Menurut Fathimatuzzahra, tata kelola lanskap hingga sarana prasarana di Orchid Forest Cikole akan dijadikan referensi untuk pengembangan kawasan Tahura Sultan Adam, KPH, dan hutan pinus di Banjarbaru, Kalimantan Selatan.

“Upaya ini untuk memperkuat daya tarik wisata hutan di Kalimantan Selatan dengan tetap menjaga kelestarian lingkungan,” tuturnya.

Selanjutnya, Dishut Kalsel berkunjung ke Dusun Bambu di Kecamatan Cisarua, Bandung Barat, kawasan wisata dengan konsep terpadu keindahan alam, budaya, serta wisata keluarga ramah lingkungan.

Baca juga: Dishut Kalsel ajak cintai hutan melalui Si HH Kehutan dan Trainforestee

Ia menekankan model pengelolaan seperti Dusun Bambu relevan diterapkan di Arboretum Bambu Tahura Sultan Adam, terutama melalui pembangunan fasilitas seperti jalur tracking dan gazebo yang mendukung kenyamanan pengunjung.

Konsep wisata edukasi dan rekreasi di Dusun Bambu, lanjutnya, akan menjadi inspirasi dalam menciptakan destinasi baru di Tahura Sultan Adam maupun KPH di Kalsel.
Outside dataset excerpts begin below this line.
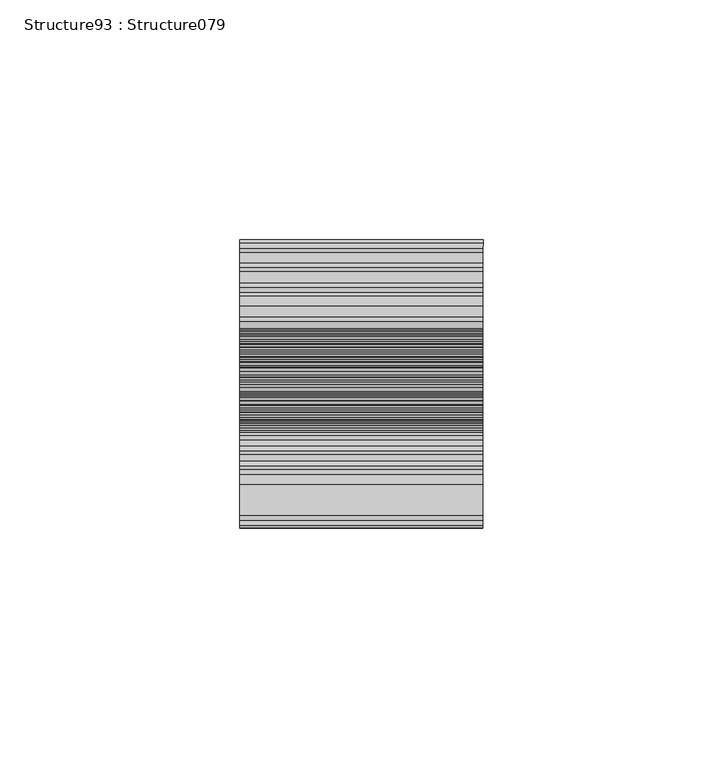
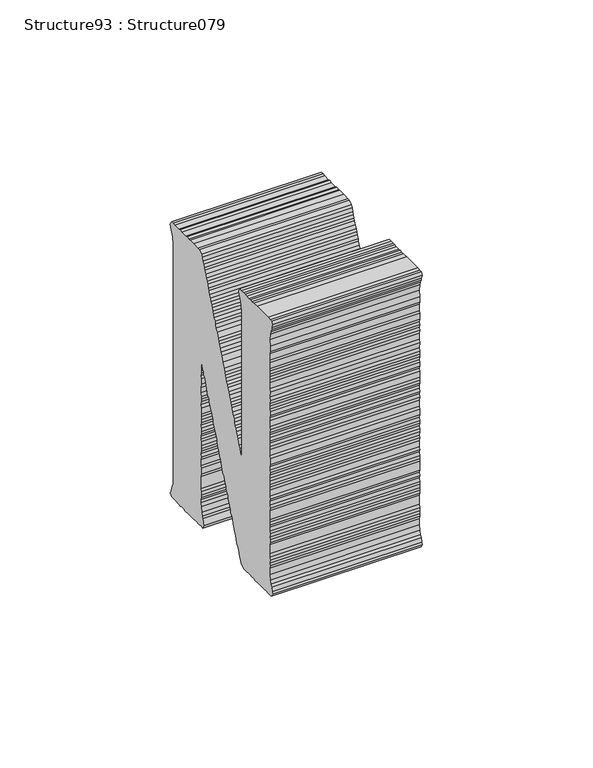
"""IFC4 building model written with IfcOpenShell, lengths in millimetres: proxy geometry, Structure93 : Structure079."""

from ifc_helpers import new_model, si_unit, frame, origin, place, context, project, spatial, polyline, outline, extrude, source, transform, mapped, element, save


def structure93_structure079_0899c1b0(model_context):
    return source(origin(), model_context, "Body", "SweptSolid", [
        extrude(outline(polyline([(1.8366799, 0.0), (3.1719919, 0.2053232), (3.9678799, 0.2224656), (6.1339986, 0.7044792), (7.2017339, -0.1002348), (6.9235449, -1.1141612), (6.9103347, -2.1601811), (6.6008944, -4.347663), (6.6194392, -5.1387182), (6.4560722, -6.2935847), (6.200152, -7.1805736), (6.164673, -8.353531), (5.8919629, -10.2813617), (5.504575, -11.1450817), (5.322519, -12.4320636), (5.4731793, -13.241808), (5.3278037, -14.2694911), (4.776401, -16.2926574), (4.4850018, -18.3526038), (3.4817959, -18.9944509), (2.4123488, -18.1891354), (1.5488816, -17.802502), (0.6787273, -17.4199537), (-0.4031239, -16.7429712), (-2.5708599, -16.3015648), (-3.6179366, -16.2882051), (-4.4817562, -15.9015219), (-5.5316583, -15.8827315), (-7.7145603, -15.573939), (-8.600592, -15.318873), (-9.646971, -15.300581), (-13.7622836, -14.7184305), (-14.8072465, -14.7053698), (-15.8412712, -14.5590971), (-16.8492085, -14.2817554), (-18.0093595, -14.1176409), (-19.0176422, -13.8452813), (-20.0827102, -13.9591049), (-20.8239266, -13.589765), (-22.015121, -13.6857468), (-23.1509461, -13.3903141), (-24.0757719, -13.394248), (-27.2905847, -12.9394818), (-28.3002834, -12.6618909), (-29.3265574, -12.5167146), (-30.11962, -12.5392877), (-31.3692171, -12.0980325), (-33.4665482, -12.0658325), (-34.4928222, -11.9206562), (-35.3742808, -11.6612061), (-36.5167928, -11.3698585), (-37.5628196, -11.3516163), (-38.4453282, -11.0970487), (-39.363467, -11.0968974), (-40.5405456, -11.0651477), (-42.5969688, -10.7742469), (-43.5925517, -10.3689245), (-44.6191778, -10.2236984), (-45.6838937, -10.3375718), (-46.5473609, -9.9509384), (-47.870671, -10.0282311), (-48.6260031, -9.7866228), (-49.6713184, -9.7735123), (-50.7947892, -9.3500989), (-51.9916205, -9.4452833), (-52.7233245, -9.0772891), (-53.9145189, -9.1732708), (-54.7818616, -8.7860892), (-56.1069332, -8.8631328), (-58.1672318, -8.5716838), (-59.0250621, -8.1858478), (-60.0943579, -8.2990733), (-61.0857131, -7.8943489), (-61.989736, -7.7664662), (-63.3091707, -7.8443072), (-64.3005258, -7.4395828), (-65.1151027, -7.5888408), (-66.1230399, -7.311499), (-67.2592105, -7.0210485), (-68.4193615, -6.856934), (-69.3565418, -6.9888485), (-70.5114082, -6.8254816), (-71.248749, -6.45669), (-72.4268915, -6.4197588), (-73.4774913, -6.4059006), (-74.6320055, -6.2425835), (-75.382053, -6.0017228), (-76.673615, -5.8190189), (-77.7189303, -5.8059084), (-78.7109901, -5.4010844), (-79.7608922, -5.382294), (-80.6391731, -5.1283244), (-81.7077643, -5.2416496), (-82.8298258, -4.8184355), (-83.6348904, -4.9690391), (-84.9045926, -4.6546682), (-85.695189, -4.6775901), (-88.0278455, -4.4773417), (-88.9646734, -4.609306), (-90.210194, -5.0867879), (-91.0208956, -5.236594), (-92.1011932, -5.4733198), (-93.1586381, -4.5399738), (-93.1207497, -3.3626856), (-92.7520508, -2.6310813), (-92.4419626, -0.4390194), (-92.5745818, 0.4982606), (-92.1872438, 1.3616281), (-91.8598122, 3.6762932), (-91.9924812, 4.6132209), (-91.587102, 5.604124), (-91.7377623, 6.4138683), (-91.4463133, 8.4741669), (-90.858928, 10.7516998), (-90.7315437, 11.6521997), (-89.7588844, 12.9570716), (-88.9361808, 13.2349082), (-87.6075862, 13.3114534), (-86.6587493, 13.5664164), (-85.7042825, 13.8256138), (-84.8931789, 13.9757224), (-83.775553, 14.4763272), (-82.5614281, 14.6937625), (-81.6062565, 14.9528603), (-80.6633896, 15.0843297), (-79.4362126, 15.434678), (-78.6501893, 15.4532158), (-77.5449109, 15.8208078), (-76.462154, 16.0622168), (-75.3808561, 16.3034729), (-74.534172, 16.7076455), (-73.5973441, 16.8396099), (-72.5104094, 17.0800685), (-71.6883537, 17.3533251), (-70.4908177, 17.4484098), (-69.4996705, 17.9669062), (-68.5635403, 18.0939382), (-67.3684206, 18.1897241), (-66.2493787, 18.6850974), (-64.4672759, 19.2214339), (-63.5102931, 19.4806348), (-62.4663801, 19.4626916), (-61.3649772, 19.8308319), (-60.1522683, 20.0534985), (-59.1790557, 20.4401319), (-57.1595208, 20.8131529), (-55.3756564, 21.3492402), (-54.1632432, 21.567277), (-53.2264153, 21.6992413), (-52.2712438, 21.9583392), (-51.0789855, 22.0491394), (-50.3414505, 22.603871), (-49.2971852, 22.585878), (-48.3063834, 23.0993922), (-47.1095521, 23.1945765), (-46.0042238, 23.5625208), (-45.0532801, 23.8222167), (-44.0981086, 24.0813146), (-43.3078576, 24.0992542), (-41.9482196, 24.4358957), (-40.9757116, 24.8226288), (-40.0205401, 25.0817265), (-38.9505328, 25.1898204), (-37.8872262, 25.3038932), (-37.0641205, 25.5820323), (-35.9782358, 25.8176084), (-34.8771851, 26.1857985), (-34.0315648, 26.5951527), (-32.0246798, 26.8355632), (-31.0754975, 27.0955082), (-29.7162049, 27.4271676), (-28.755699, 27.6858701), (-29.9749504, 28.3822892), (-32.0662924, 28.4136419), (-34.1269434, 28.7051408), (-34.8625227, 29.0736832), (-36.0187983, 29.2372495), (-37.0630636, 29.2552425), (-38.22709, 29.4199052), (-39.2741669, 29.4332649), (-40.0058708, 29.8012592), (-41.0748143, 29.6879838), (-42.0665217, 30.092758), (-43.098785, 30.2387816), (-44.289627, 30.1427499), (-45.171438, 30.4022499), (-46.4397241, 30.7113895), (-47.2320888, 30.6937487), (-48.2731764, 30.7062612), (-49.4008748, 31.1302726), (-50.4469016, 31.1485148), (-51.4555365, 31.4209243), (-53.5158352, 31.7123733), (-54.5844263, 31.5990481), (-56.5985323, 32.1484504), (-57.376429, 32.2584913), (-58.4418493, 32.1447176), (-59.7094377, 32.4587895), (-60.5003864, 32.4359174), (-61.5231373, 32.5805953), (-62.778019, 33.0225981), (-63.583436, 32.8720444), (-65.6440868, 33.1635432), (-66.9116752, 33.4776151), (-68.9719739, 33.7690641), (-69.8488455, 34.0228343), (-70.9195505, 33.9098082), (-71.8010091, 34.1692583), (-72.9555232, 34.3325754), (-74.1015584, 34.6244214), (-75.1479374, 34.6427134), (-75.9022058, 34.8791402), (-78.2475621, 34.9464257), (-79.2452588, 35.3520472), (-80.2711804, 35.4971736), (-82.2586151, 35.3840993), (-83.4696121, 35.1608312), (-84.40997, 35.0343972), (-85.6367948, 34.683999), (-86.7195018, 34.4429424), (-87.7897033, 35.2480052), (-87.5340788, 36.1303643), (-87.3520727, 37.416994), (-87.3342395, 38.4677503), (-86.9711776, 39.200152), (-86.7891714, 40.4867817), (-86.8981624, 41.5504475), (-86.5344526, 42.2874291), (-86.3883792, 43.3200447), (-86.3520443, 45.4110413), (-85.4425121, 51.8406668), (-85.0420721, 52.8372997), (-85.0228229, 53.8828246), (-83.9355358, 54.1232333), (-82.7042823, 53.5548448), (-81.9483022, 53.3178165), (-80.8660987, 52.6407841), (-79.8927349, 52.1088765), (-77.7426378, 51.540237), (-75.6456589, 51.5080868), (-73.7185328, 51.2354764), (-72.7233023, 50.8302038), (-70.5404003, 50.5214114), (-69.7476901, 50.5440342), (-67.5556282, 50.233946), (-66.5515663, 49.9571525), (-65.5062511, 49.944042), (-64.6191556, 49.6837945), (-63.5738403, 49.6706839), (-62.4323783, 49.3744538), (-60.3777166, 49.0838022), (-59.3066593, 49.1967786), (-57.288678, 48.646828), (-56.2200868, 48.7601532), (-55.0832117, 48.469603), (-54.1777794, 48.3415209), (-53.041602, 48.0460384), (-52.2365374, 48.196642), (-50.9442707, 48.0138384), (-50.0811559, 47.6272549), (-49.0358406, 47.6141443), (-46.8473017, 47.3045545), (-45.9252875, 47.3038551), (-44.7887646, 47.0133547), (-44.0390694, 46.7725438), (-43.0071585, 46.6265701), (-41.8318415, 46.5950695), (-40.9500307, 46.3355696), (-39.7733044, 46.3038697), (-38.6314901, 46.0075898), (-36.5771807, 45.716988), (-35.6400005, 45.8489025), (-33.5797018, 45.5574535), (-32.7102453, 45.1699729), (-31.4109159, 45.1209296), (-30.6245403, 45.1394176), (-29.6289575, 44.7340951), (-28.5822329, 44.7207852), (-27.5538452, 44.5753099), (-26.2823814, 44.2606898), (-25.4953081, 44.2841101), (-24.2256058, 43.9697392), (-22.1670688, 43.6785394), (-21.2298885, 43.8104539), (-20.3664213, 43.4238205), (-19.059341, 43.3736808), (-18.0094388, 43.3548904), (-17.1329195, 43.10117), (-13.9177544, 42.646354), (-13.030659, 42.3861065), (-11.8574559, 42.354905), (-11.1017713, 42.1132469), (-9.7968049, 42.0634062), (-9.0104293, 42.0818941), (-7.7421432, 41.7727545), (-6.8180151, 41.7717561), (-5.7917412, 41.6265798), (-4.9282739, 41.2399464), (-1.7131088, 40.7851304), (-0.5342688, 40.7531315), (0.3782332, 40.7537777), (1.5263822, 40.4616327), (2.3127577, 40.4801206), (3.4341147, 40.0570063), (5.6226535, 39.7474165), (7.4599813, 39.7519965), (8.7952933, 39.9573197), (9.6458529, 40.3609442), (10.9833286, 40.5663208), (11.7933325, 40.7111945), (12.8430266, 39.778945), (12.7156921, 38.8787974), (12.715498, 37.9552743), (12.4062518, 36.6913155), (12.2789173, 35.7911679), (11.982737, 34.6500582), (12.1333973, 33.840314), (11.8234534, 32.5714229), (11.6606399, 30.4983179), (11.273252, 29.634598), (11.3878799, 28.5701349), (10.9638616, 27.4474684), (10.8544685, 26.6741518), (10.9691462, 25.6100409), (10.6771936, 24.4683331), (10.5498093, 23.5678333), (9.4634279, 22.4091361), (8.5124343, 22.149088), (7.3955061, 21.6534155), (6.4713781, 21.654414), (5.2621923, 21.431249), (4.2833427, 21.045413), (3.3161693, 20.6582847), (2.1193378, 20.5631003), (1.0144118, 20.1954585), (-0.8952764, 19.6768108), (-1.8465726, 19.4171649), (-2.6424604, 19.4000225), (-3.9777726, 19.1946993), (-4.8065152, 18.9173575), (-5.9237956, 18.421735), (-6.8426322, 18.4169539), (-7.9493198, 18.0495612), (-8.9041889, 17.7900613), (-9.8713624, 17.4029329), (-11.0533802, 17.4404124), (-11.8951251, 17.03051), (-13.000101, 16.6625157), (-13.9147167, 16.6621687), (-15.0154151, 16.2939287), (-15.8243551, 16.1438733), (-16.9067666, 15.9074466), (-17.9021415, 15.3895482), (-19.94002, 14.8893938), (-20.9846376, 14.9074366), (-22.085738, 14.5388943), (-22.9183063, 14.262453), (-24.2373886, 14.1845622), (-26.0371803, 13.5206404), (-27.1258766, 13.2804309), (-28.0443677, 13.280632), (-29.2535535, 13.057467), (-30.0798369, 12.7848084), (-31.1812329, 12.4116362), (-31.990173, 12.2615808), (-33.2413305, 11.7848965), (-34.2873573, 11.8031387), (-35.3923332, 11.4351444), (-36.3235242, 11.3023827), (-37.4284502, 10.9347408), (-39.4663786, 10.434234), (-40.4025087, 10.307202), (-41.2622449, 9.7701163), (-42.2224055, 9.5163959), (-43.3033511, 9.27509), (-44.3722945, 9.1618147), (-45.1766614, 9.0161435), (-46.3861926, 8.7879963), (-47.5112736, 8.2931178), (-48.4484538, 8.1612034), (-49.2746874, 7.888897), (-50.3573944, 7.6478404), (-51.4623703, 7.2798462), (-50.4487962, 7.001707), (-49.5334827, 7.0069865), (-48.2419206, 6.8242826), (-47.3601098, 6.5647827), (-46.3514748, 6.2923733), (-45.4333359, 6.2922221), (-43.3726851, 6.0007232), (-42.1043989, 5.6915836), (-40.3037515, 5.4368648), (-38.9977212, 5.3818426), (-38.2106479, 5.4052629), (-37.1970738, 5.1271237), (-36.060551, 4.8366233), (-34.9954828, 4.9504469), (-32.8090579, 4.6411561), (-31.7954837, 4.363017), (-30.8766472, 4.3677981), (-29.740822, 4.0723654), (-28.8526765, 3.8170003), (-27.7897223, 3.9311229), (-26.6330943, 3.7675068), (-25.7477604, 3.5075085), (-24.8694795, 3.2535389), (-23.8372163, 3.1075153), (-22.9190774, 3.1073641), (-21.6324477, 2.925358), (-20.5857232, 2.9120481), (-19.577786, 2.6347064), (-18.6899928, 2.3793912), (-17.6249247, 2.4932147), (-16.5070909, 2.0705988), (-14.4485539, 1.7793989), (-13.5300626, 1.7791979), (-11.469764, 1.4877489), (-10.5876078, 1.2332311), (-6.2122917, 0.6143006), (-5.2997897, 0.6149468), (-4.1149604, 0.5821006), (-3.2204497, 0.4555635), (-2.3513456, 0.0681327), (-1.3247193, -0.0770934), (0.0, 0.0), (1.8366799, 0.0)])), frame((-56111.3579585, 291617.2747278, -368.3266136), z_axis=(-0.9999998917542984, 0.00046528635450596156, 0.0), x_axis=(-6.517039355318693e-05, -0.14006511446573924, -0.9901422925330072)), (0.0, 0.0, 1.0), 50.8),
    ])


if __name__ == "__main__":
    model = new_model("IFC4")
    model_context = context("Model", 3, world=origin())
    ifc_project = project(units=[si_unit("LENGTHUNIT", "METRE", prefix="MILLI")], contexts=[model_context])
    site = spatial("IfcSite", under=ifc_project)
    building = spatial("IfcBuilding", under=site)
    placement = place(None, origin())
    structure93_structure079_shape = structure93_structure079_0899c1b0(model_context)
    element("IfcBuildingElementProxy", 1, Name="Structure93 : Structure079", ObjectType="Structure93 : Structure079", at=placement, inside=building, context=model_context, shape_type="MappedRepresentation", body=[
        mapped(structure93_structure079_shape, transform((0.0, 0.0, 0.0), x_axis=(1.0, 0.0, 0.0), y_axis=(0.0, 1.0, 0.0), z_axis=(0.0, 0.0, 1.0))),
    ])
    save(model, "model.ifc")

# Revit data of these elements
# Type "Structure93 : Structure079"
#   NameOverride = "Structure079"
# Element 1 (IfcBuildingElementProxy, "Structure93 : Structure079")
#   Materials on its faces: "BRUSHED ALUMINUM LETTERING"
# Materials
#   "BRUSHED ALUMINUM LETTERING": class "Unassigned", colour RGB 169 181 186, transparency 0, Cost = 0

Dengan inovasi tersebut, Dishut Kalsel berharap Tahura Sultan Adam tidak hanya berfungsi sebagai kawasan konservasi, tetapi juga mampu memberikan nilai tambah ekonomi melalui sektor pariwisata berbasis lingkungan.

“Hasil dari studi tiru ini akan segera ditindaklanjuti dalam perencanaan pengembangan destinasi wisata hutan di Kalimantan Selatan. Ke depan, Tahura Sultan Adam dapat menjadi ikon wisata alam berkelas nasional yang memberikan manfaat luas, baik dari segi pelestarian hutan maupun peningkatan kesejahteraan masyarakat sekitar,” kata Fathimatuzzahra.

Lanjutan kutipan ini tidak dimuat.